IMO, the idea of taking things like authentication, rate limiting, etc in a
proxy is a wonderful idea ([https://2tjosk2rxzc21medji3nfn1g-wpengine.netdna-
ssl.com/wp-...](https://2tjosk2rxzc21medji3nfn1g-wpengine.netdna-ssl.com/wp-
content/uploads/2017/12/illustration2.png)). So in theory, the approach Kong
takes is wonderful, but I think the implementation is not so much.

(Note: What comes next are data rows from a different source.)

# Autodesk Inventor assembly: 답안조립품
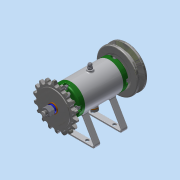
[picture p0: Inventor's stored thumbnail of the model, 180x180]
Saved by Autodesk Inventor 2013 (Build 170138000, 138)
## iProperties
Created: 2016-03
Part Number: 답안조립품
Document SubType Name: Assembly
Designer: Administrator
Author: Administrator
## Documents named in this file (16)
- C:\Users\Administrator\Desktop\460308V1010\답안조립품.iam
- C:\Users\Administrator\Desktop\460308V1010\1-본체.ipt
- C:\Users\Administrator\Desktop\460308V1010\커버.ipt
- C:\Users\Administrator\Desktop\460308V1010\베어링 15 x 32 x 9.ipt
- C:\Users\Administrator\Desktop\460308V1010\오일 실 15 25 7.ipt
- C:\Users\Administrator\Desktop\460308V1010\축.ipt
- C:\Users\Administrator\Desktop\460308V1010\볼트 M4 x 12.ipt
- C:\Users\Administrator\Desktop\460308V1010\키 3 x 3 x 12.ipt
- C:\Users\Administrator\Desktop\460308V1010\V벨트풀리.ipt
- C:\Users\Administrator\Desktop\460308V1010\스프로킷.ipt
- C:\Users\Administrator\Desktop\460308V1010\와셔 8x17.ipt
- C:\Users\Administrator\Desktop\460308V1010\와셔 6x11.5.ipt
- C:\Users\Administrator\Desktop\460308V1010\볼트 M 6 x 8.ipt
- C:\Users\Administrator\Desktop\460308V1010\니플 M 6 x 0.75.ipt
- C:\Users\Administrator\Desktop\460308V1010\스프링와셔 8.ipt
- C:\Users\Administrator\Desktop\460308V1010\너트 M 8.ipt
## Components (12 placed, 4 different names)
1. 1-본체:1
2. KS B 2023 6002 - 15 x 32 x 9:1
3. KS B 2023 6002 - 15 x 32 x 9:2
4. V벨트풀리:1 — 각도:4
5. ISO 4762 M4 x 12:1
6. ISO 4762 M4 x 12:3
7. ISO 4762 M4 x 12:4
8. ISO 4762 M4 x 12:5
9. ISO 4762 M4 x 12:2
10. ISO 4762 M4 x 12:6
11. ISO 4762 M4 x 12:7
12. ISO 4762 M4 x 12:8
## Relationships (1: Angle 1)
- 각도:4 [Angle]: V벨트풀리:1

Kong is layer over nginx and uses lua as a scripting language to add all sorts
of stuff. Quickly, you reach the limit of the plugins capability so you think,
well, I will write my own plugins. Well, to me it was a very unpleasing
experience. I found that the thing was hard to test and hard to maintain.
Maybe my criticism is more lua than Kong but since Kong relies heavily on lua,
there is not much I can do.

There is also magic happening. You declare a schema.lua files to configure the
store to hold your data. Then automatically you've got a DAO interface
available with a bunch of method on it to work with the store. You don't know
what methods are available or what arguments should be passed into these
functions.

Anyway, this is my take after spending quite a few hours working on home made
plugins in lua for Kong.

In the end, I'm glad Kong is open source and it's a great piece of software.
It helped us reduce our applications complexity but make sure you don't start
to shift to much logic into it because the plugin system can be hard to work
with.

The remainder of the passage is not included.